Supporting documents

  • Voting Agreement

    If board composition or voting provisions are to be included in the charter rather than a separate agreement

    .pdf, .docx

  • Side Letters or Supplemental Agreements

    Any side agreements that modify or supplement the standard term sheet provisions affecting charter terms

    .pdf, .docx

  • Registered Agent Confirmation

    Confirmation of the registered agent name and Delaware registered office address

    .pdf, .docx

Why teams use it

Reduce charter drafting time from hours of manual work to minutes of AI-assisted generation

Eliminate capitalization math errors with automated verification against your cap table and term sheet

Ensure consistent defined terms and cross-references across all Articles and Series designations

Accelerate financing closings by producing first drafts that are already structured for DGCL compliance

Questions

What documents do I need to generate an Amended and Restated Certificate?

You'll need your executed term sheet or SPA, the current certificate of incorporation with all amendments, and your current cap table. CaseMark uses these to extract the economics, governance terms, and capitalization figures needed for a complete charter.

Does CaseMark handle multiple series of preferred stock?

Yes. CaseMark drafts separate Series designations (e.g., Series Seed, Series A, Series B) with distinct terms for each class, including unique liquidation preferences, conversion ratios, and protective provisions as specified in your term sheet.

How does CaseMark ensure DGCL compliance?

CaseMark references the applicable Delaware General Corporation Law sections (including §§ 242 and 245) and structures the charter provisions to comply with statutory requirements. However, you should always have qualified counsel review the final document before filing.

Can it handle anti-dilution and conversion mechanics?

Absolutely. CaseMark implements broad-based weighted average anti-dilution, optional and automatic conversion triggers, and calculates conversion ratios based on the original issue price and cap table data from your source documents.

Does the output include capitalization verification?

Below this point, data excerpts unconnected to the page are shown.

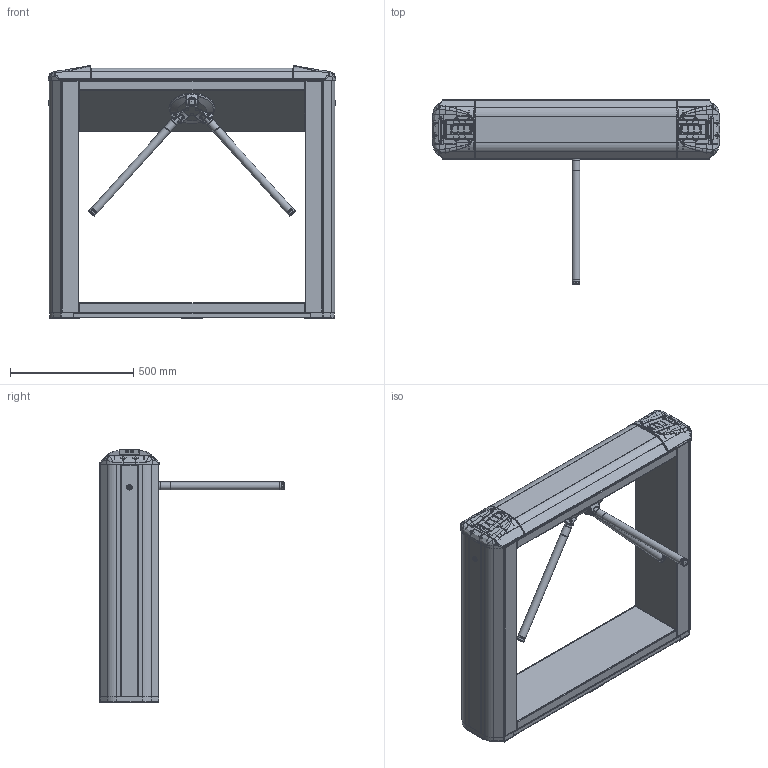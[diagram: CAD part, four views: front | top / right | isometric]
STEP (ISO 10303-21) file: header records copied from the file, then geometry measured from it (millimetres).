
FILE_DESCRIPTION(/* description */ ('Unknown'),/* implementation_level */ '2;1');
FILE_NAME(/* name */ 'TB01.1A',/* time_stamp */ '2021-11-23T17:49:40+03:00',/* author */ ('Unknown'),/* organization */ ('Unknown'),/* preprocessor_version */ 'ST-DEVELOPER v18.1',/* originating_system */ 'Solid Edge',/* authorisation */ 'Unknown');
FILE_SCHEMA (('CONFIG_CONTROL_DESIGN'));
Products named in the file (45): 栖闉罻21; TB01.1A; TB01.1A.300.00 Áàçîâûé ìîäóëü ÒÂÀ_ÊÒÀ_oa_0; TB-01A.040.00-01 昢膼瘔膻嬅oa_1; TB-01A.040.02 ﾒ矜; TB-01A.040.01 Îïîðà; KTC01.020.08 栺樇罻; KTC01.021.00 玉桦栩咫黖oa_2; KTC01.020.09 玉桦栩咫黖oa_3; TB-01A.010.00-01 忺謤僔_oa_4; TB-01A.010.03 Ñòåíêà áîêîâàÿ_oa_5; TB-01A.010.04-01 Ñòåíêà íèæíÿÿ; TB-01A.010.03 Ñòåíêà áîêîâàÿ; TB-01A.010.02-01 Ñòåíêà çàäíÿÿ; TB-01A.010.01-01 Ñòåíêà íàêëîííàÿ; KTC01.3.030.00 扻羰騶oa_6; KTC01.3.030.06 ﾊ鮻; KTC01.3.030.00 扻羰騶oa_7; TB-01A.050.00-01 栖闉罻 憵羻睯罻_oa_8; TTR-07.301.01-05 枟羻睯獥r1; TB-01A.051.00-01 Ïëàíêà ïðåãðàæäàþùàÿ; TTR-07.630.01-01 嵑謺麃_r1; TTR-07.630.02 Âñòàâêà ìàëàÿ; TB-01A.051.01-01 秮鶋趌r2; Çàãëóøêà_CGR-322-090_(32õ2); TTR-07.300.11-01 Îñü; 嵑殧趌8_DIN_7980; 鎔艜_M8x25_DIN_912; TB-01A.020.00-01 ﾊ濱oa_9; TB-01A.020.01-01 署赅; Çàêëåïêà_âûòÿæíàÿ_3,2õ6_DIN_7337_1,0...3,0_àëþì._oa_10; Çàêëåïêà_âûòÿæíàÿ_3,2õ6_DIN_7337_1,0...3,0_àëþì._oa_11; 侹緺趌3M_Bumpon_SJ-5306_9,5x3,8; TBC01.159.00 ﾊ濱oa_12; KTC01.150.01 署赅; KTC01.150.03 栺樏鋋; KTC01.150.02 青汶篪赅; KTC01.070.00 青汶篪赅_oa_13; KTC01.070.01 栺樇罻; Çàìîê ìåáåëüíûé 505_oa_14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
Assembly tree (68 placements, depth 6):
  栖闉罻21
    TB01.1A
      TB01.1A.300.00 Áàçîâûé ìîäóëü ÒÂÀ_ÊÒÀ_oa_0
        TB-01A.040.00-01 昢膼瘔膻嬅oa_1
          TB-01A.040.02 ﾒ矜  x2
          TB-01A.040.01 Îïîðà  x2
          KTC01.020.08 栺樇罻  x2
          KTC01.021.00 玉桦栩咫黖oa_2
            KTC01.020.09 玉桦栩咫黖oa_3
        TB-01A.010.00-01 忺謤僔_oa_4
          TB-01A.010.03 Ñòåíêà áîêîâàÿ_oa_5
          TB-01A.010.04-01 Ñòåíêà íèæíÿÿ
          TB-01A.010.03 Ñòåíêà áîêîâàÿ
          TB-01A.010.02-01 Ñòåíêà çàäíÿÿ
          TB-01A.010.01-01 Ñòåíêà íàêëîííàÿ
        KTC01.3.030.00 扻羰騶oa_6
          KTC01.3.030.06 ﾊ鮻  x2
        KTC01.3.030.00 扻羰騶oa_7
          KTC01.3.030.06 ﾊ鮻  x2
        TB-01A.050.00-01 栖闉罻 憵羻睯罻_oa_8
          TTR-07.301.01-05 枟羻睯獥r1
          TB-01A.051.00-01 Ïëàíêà ïðåãðàæäàþùàÿ  x3
            TTR-07.630.01-01 嵑謺麃_r1
            TTR-07.630.02 Âñòàâêà ìàëàÿ
            TB-01A.051.01-01 秮鶋趌r2
            Çàãëóøêà_CGR-322-090_(32õ2)
          TTR-07.300.11-01 Îñü  x3
        嵑殧趌8_DIN_7980  x3
        鎔艜_M8x25_DIN_912  x3
        TB-01A.020.00-01 ﾊ濱oa_9
          TB-01A.020.01-01 署赅
          Çàêëåïêà_âûòÿæíàÿ_3,2õ6_DIN_7337_1,0...3,0_àëþì._oa_10
          Çàêëåïêà_âûòÿæíàÿ_3,2õ6_DIN_7337_1,0...3,0_àëþì._oa_11
          侹緺趌3M_Bumpon_SJ-5306_9,5x3,8  x4
      TBC01.159.00 ﾊ濱oa_12
        KTC01.150.01 署赅
        KTC01.150.03 栺樏鋋
      KTC01.150.02 青汶篪赅  x2
      KTC01.070.00 青汶篪赅_oa_13
        KTC01.070.01 栺樇罻
        Çàìîê ìåáåëüíûé 505_oa_14
          Çàìîê ìåáåëüíûé 505_êîðïóñ
          Çàìîê ìåáåëüíûé 505_îñü
      KTC01.070.00 青汶篪赅_oa_15
        KTC01.070.01 栺樇罻
        Çàìîê ìåáåëüíûé 505_oa_16
          Çàìîê ìåáåëüíûé 505_êîðïóñ
          Çàìîê ìåáåëüíûé 505_îñü
      TBC01.159.00 ﾊ濱oa_17
        KTC01.150.01 署赅
        KTC01.150.03 栺樏鋋
Bounding box: 1169.48 x 751.42 x 1027.33 mm (x, y, z)
Volume: 5853699.1 mm3; surface area: 6703305.3 mm2
Topology: 60 solids, 60 shells, 5536 faces, 13715 edges, 8276 vertices
Faces by surface type: plane 2181, cylinder 1656, bspline 914, sphere 348, torus 235, cone 202
Full cylindrical faces by diameter (mm): 0.4 x4, 2 x2, 2.5 x12, 3.2 x2, 3.242 x31, 3.3 x35, 3.7 x4, 4 x1, 5 x14, 6.466 x3, 7 x41, 8 x19, 9 x3, 10 x21, 12 x4, 13 x7, 14.5 x3, 16 x4, 20 x1, 21 x8, 23 x2, 23.4 x3, 24 x8, 27 x6, 28 x3, 28.5 x6, 32 x9, 185 x1, 188 x1
Entity records: 121308 total; most frequent: CARTESIAN_POINT 37799, ORIENTED_EDGE 16190, DIRECTION 14800, EDGE_CURVE 8095, AXIS2_PLACEMENT_3D 5572, VERTEX_POINT 5005, FACE_BOUND 3962, EDGE_LOOP 3948

Yes. CaseMark generates a capitalization verification checklist that cross-references authorized shares against outstanding stock, option pool reserves, conversion shares, and warrants to ensure the math is consistent with your term sheet and cap table.

Is the generated certificate ready to file with the Delaware Secretary of State?

CaseMark produces filing-ready language, but the output should be reviewed by legal counsel to confirm accuracy, verify board and stockholder approval mechanics, and ensure all negotiated terms are properly reflected before submission to the Delaware Secretary of State.